# First cycle advice



## Mr.wolf (Oct 19, 2021)

Dont want to break any rules here about posting.

Noticed there are certain websites who offer 3 month bulk or cut packages.

Is it worth trying this followed by 2 months of Pct afterwards to block estrogen rebalance natural tes levels then repeat?

Any input would be appreciated.


----------



## Protek5 (Apr 19, 2021)

There’s a sticky on this at the top by swole troll on your first cycle that’s all the information you need mate a simple test E cycle be the cheapest and then you can start adding different compounds later down the line.


----------



## a06369437 (Oct 21, 2021)

Hi Mr.Wolf

Firstly, let's take a step back. What is your current position (age, training experience, diet etc)? If you are under 25 (neurological maturity), are not close to your natural potential or have not got your diet in check, then I would hold off on even looking. 

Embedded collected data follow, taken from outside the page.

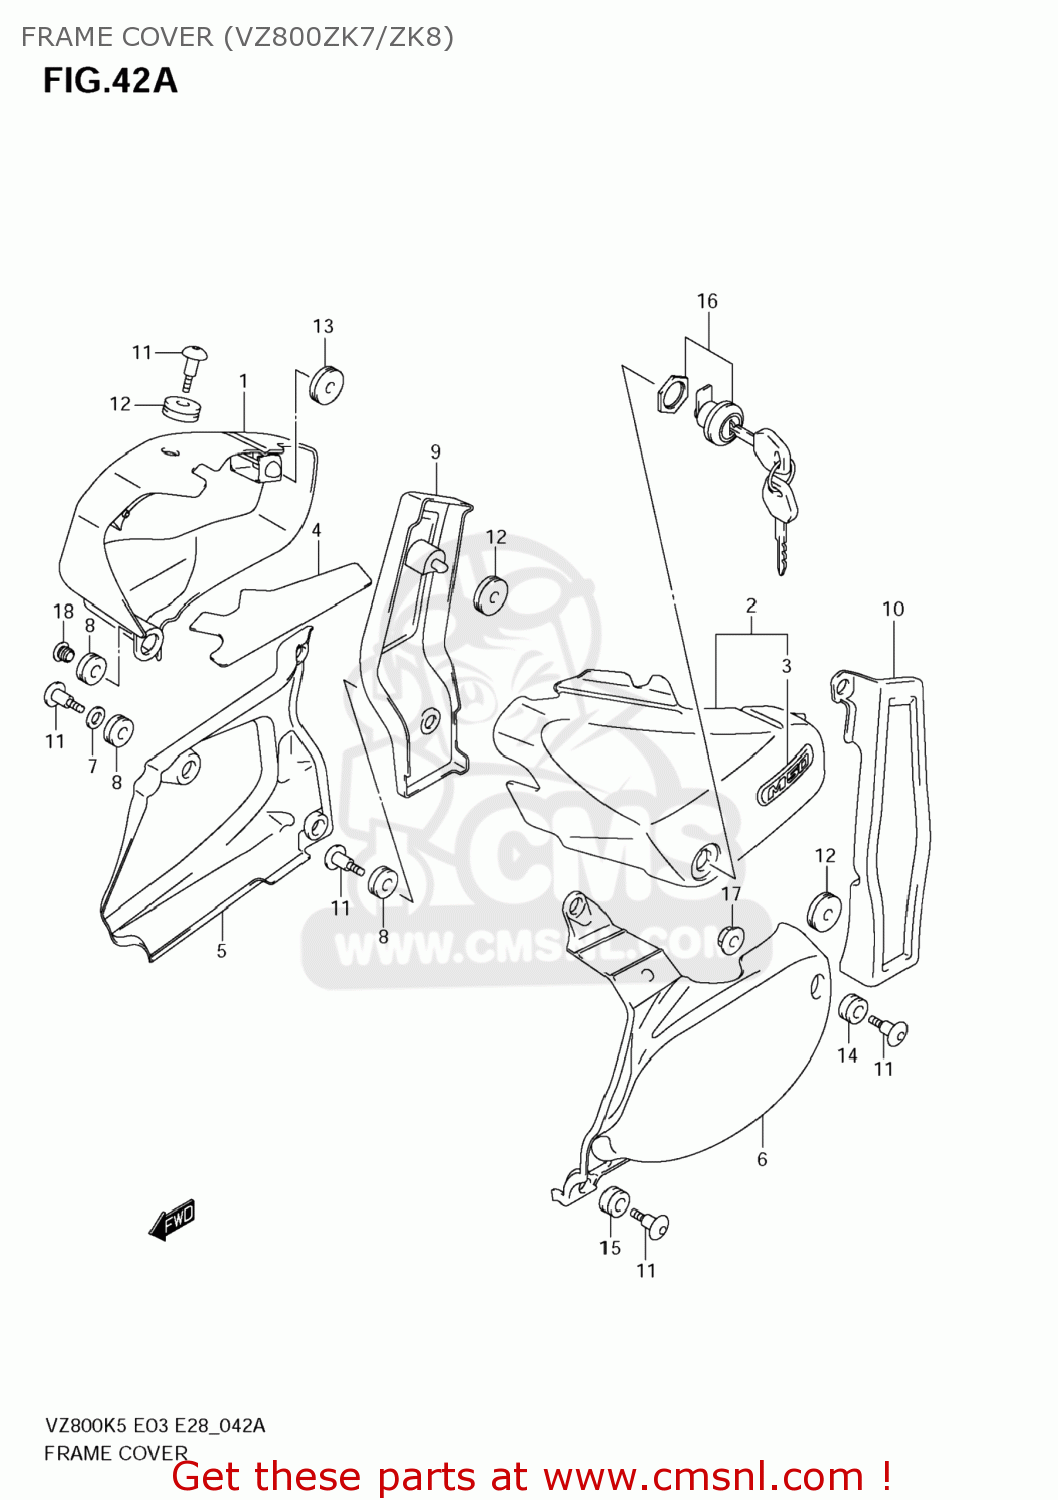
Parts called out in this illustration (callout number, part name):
1	COVER,SIDE,R(GRAY)
2	COVER,SIDE,L(GRAY)
3	EMBLEM,M50
4	SHIELD,FRAME COVER
5	COVER,SIDE LWR,R
6	COVER,SIDE LWR,L
7	WASHER(10.5X20X2.3)
8	CUSHION
9	COVER,SIDE RR,R
10	COVER,SIDE RR,L
11	SCREW(6X20)
12	CUSHION
13	CUSHION
14	CUSHION
15	CUSHION
16	LOCK SET,COVER
17	NUT
18	CAP(OD:14)
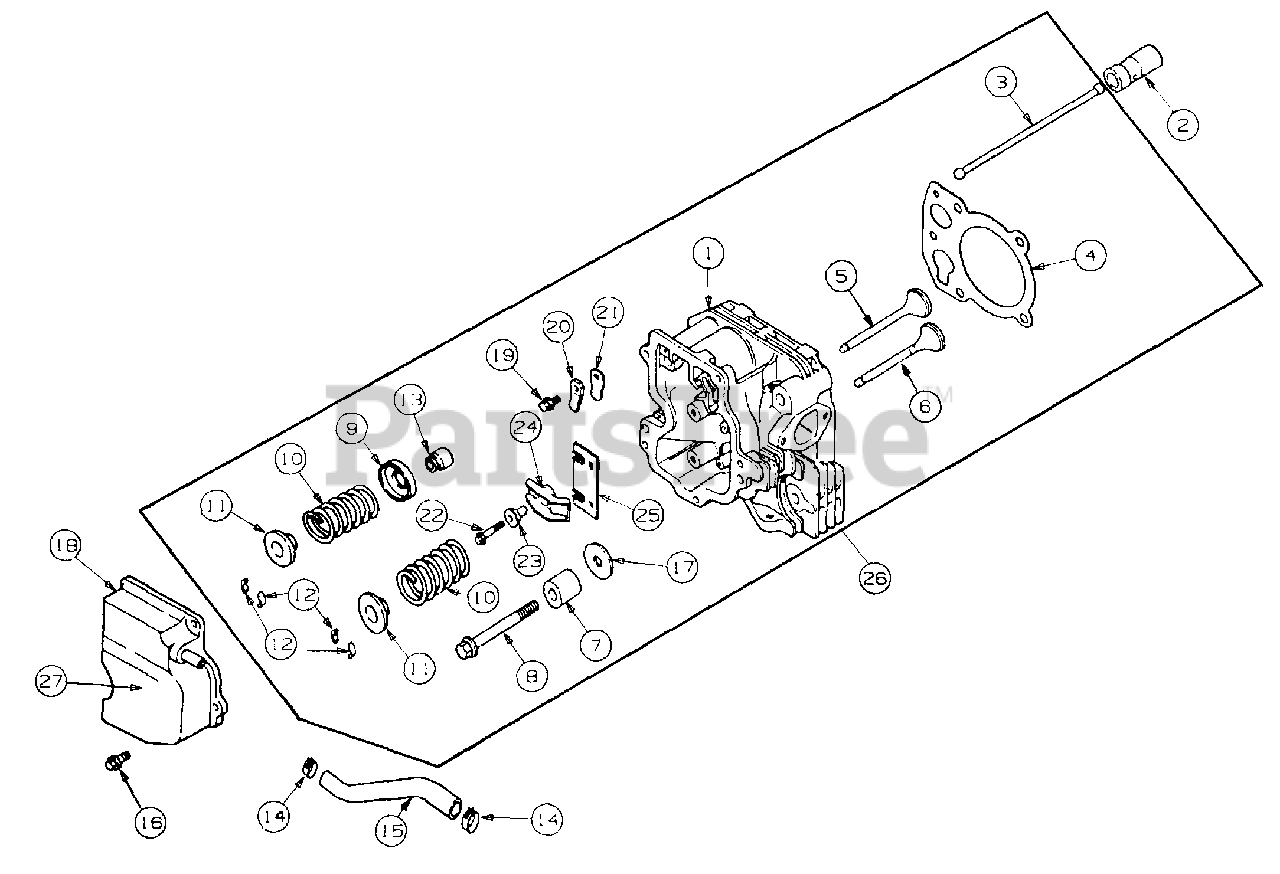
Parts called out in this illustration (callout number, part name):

Providing you don't tick any of the boxes above then I would, first of all, make sure you have done your research. Like, have you figured out what compound(s) you want to run and a what dose? How long do you want to run your cycle? What AI's and PCT compounds will you be using or have on hand? When will you start the PCT after finishing your blast and how will you dose it?

If the above questions seem overwhelming then hopefully this template will help:


Get your blood work done pre-cycle. The more biomarkers you can afford to test for the better but make sure you are definitely testing your baseline hormone levels. Medichecks offer a range of services including an at-home finger prick test. You can get results within 4-6 days of sending off your sample. Once you have the results you need to check carefully for any outstanding health concerns. The guys on here will be more than willing to help with the analysis!

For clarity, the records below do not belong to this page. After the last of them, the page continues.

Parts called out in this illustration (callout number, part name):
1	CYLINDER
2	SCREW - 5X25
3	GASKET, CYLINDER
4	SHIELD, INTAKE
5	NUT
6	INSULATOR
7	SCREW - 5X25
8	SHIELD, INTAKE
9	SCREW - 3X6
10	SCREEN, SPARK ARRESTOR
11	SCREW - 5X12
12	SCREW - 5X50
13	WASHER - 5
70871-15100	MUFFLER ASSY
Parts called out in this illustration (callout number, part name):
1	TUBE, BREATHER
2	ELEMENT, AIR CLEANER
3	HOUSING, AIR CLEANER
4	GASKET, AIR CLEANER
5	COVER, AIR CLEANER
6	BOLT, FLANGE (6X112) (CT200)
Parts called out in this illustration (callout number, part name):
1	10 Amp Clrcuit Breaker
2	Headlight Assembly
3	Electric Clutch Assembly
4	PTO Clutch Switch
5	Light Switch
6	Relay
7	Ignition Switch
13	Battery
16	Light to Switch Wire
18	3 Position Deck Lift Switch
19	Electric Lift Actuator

Do your research on sources, if you can get hold of pharma grade stuff then great! If you use a UGL (underground lab) then take the time to really check the lab reputation and source! Make sure you have everything in hand before starting the cycle, PCT included!

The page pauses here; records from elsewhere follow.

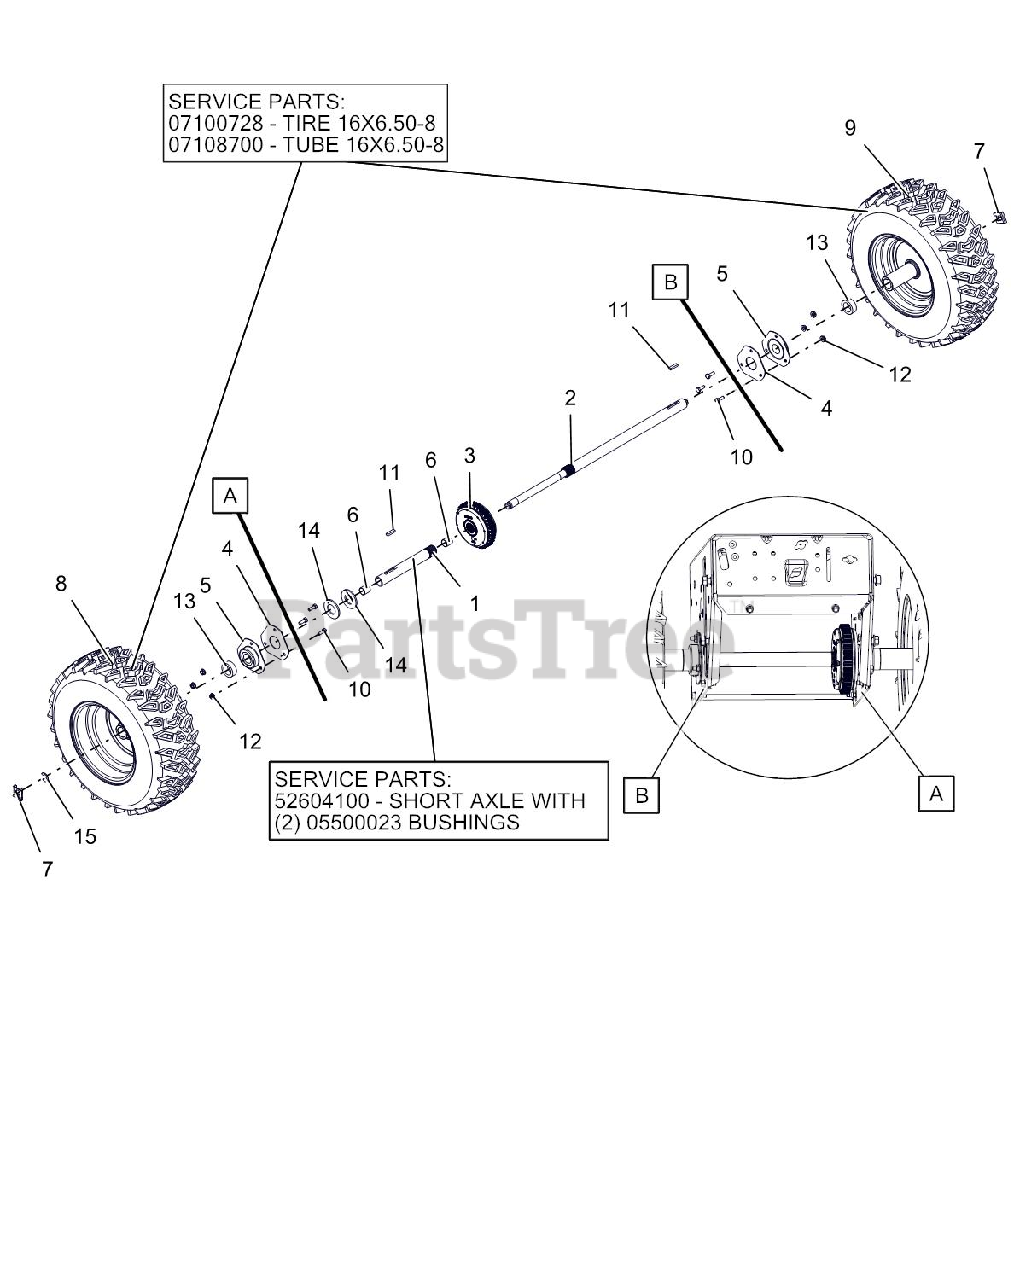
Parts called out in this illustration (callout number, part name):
1	BSHG-SLV .706X.764X.75 BRZ
1	AXLE, SHORT-PRO AUTO DIFF
1	AXLE, SHORT-AUTO W/BUSHINGS
2	AXLE, LONG-PRO AUTO DIFF
3	DIFFERENTIAL, AUTOMATIC
4	PLATE, BEARING SPACER
5	BRG-FLG 1.003/1.000 3 BOLT
6	BSHG-SLV .706X.764X.75 BRZ
7	CLIP, SNAP .625 DIA
8	TIRE/WHEEL,RH 16X6.5-8 DIFF T2
9	TIRE/WHEEL,LH 16X6.5-8 DIFF T2
10	@BLT-HEX .25-20X.75 GR5 YWZC
11	KEY-RECT .25X.188X1.00
12	@NUT-LK-CTR-FLG .25-20 YWZC
13	SPACER, PRO AXLE BEARING
14	WSHR-FL-STL- 1.062X2.0X.134 YZ
15	RG-RTNG-EXT .625X.042
16	TIRE, 16X6.50-8 K478
17	TUBE

If your bloods look good to go then you will need to decide on your cycle. As it is your first time I would recommend the following

- Test Enanthate or Cypionate 300mg per week. You will see a lot of people suggesting 500mg of Test per week but I feel this is not needed. You will grow well on 300mg seeing as the compound is novel to your body. You will also be less likely to experience side effects on a lower dose. You want to pin twice a week and run the cycle for 10-12 weeks.

-You should have an AI on hand like Amridex in case you experience symptoms of high estrogen levels. Be careful with AI's, only use if needed, you don't want to totally crash your estrogen! I would advise on getting blood work done 5 weeks into your cycle to make sure everything is looking ok.

-Run Clomid and Nolva as PCT once your cycle is over. Don't start PCT for Enanthate or Cypionate the usual bro science '2 weeks later'. I would start it 3 weeks after your last pin due to the half-life of the compounds. You can find lots of good threads on this forum explaining doses.


Get your blood work done after you finish your PCT to check if everything is back to baseline level.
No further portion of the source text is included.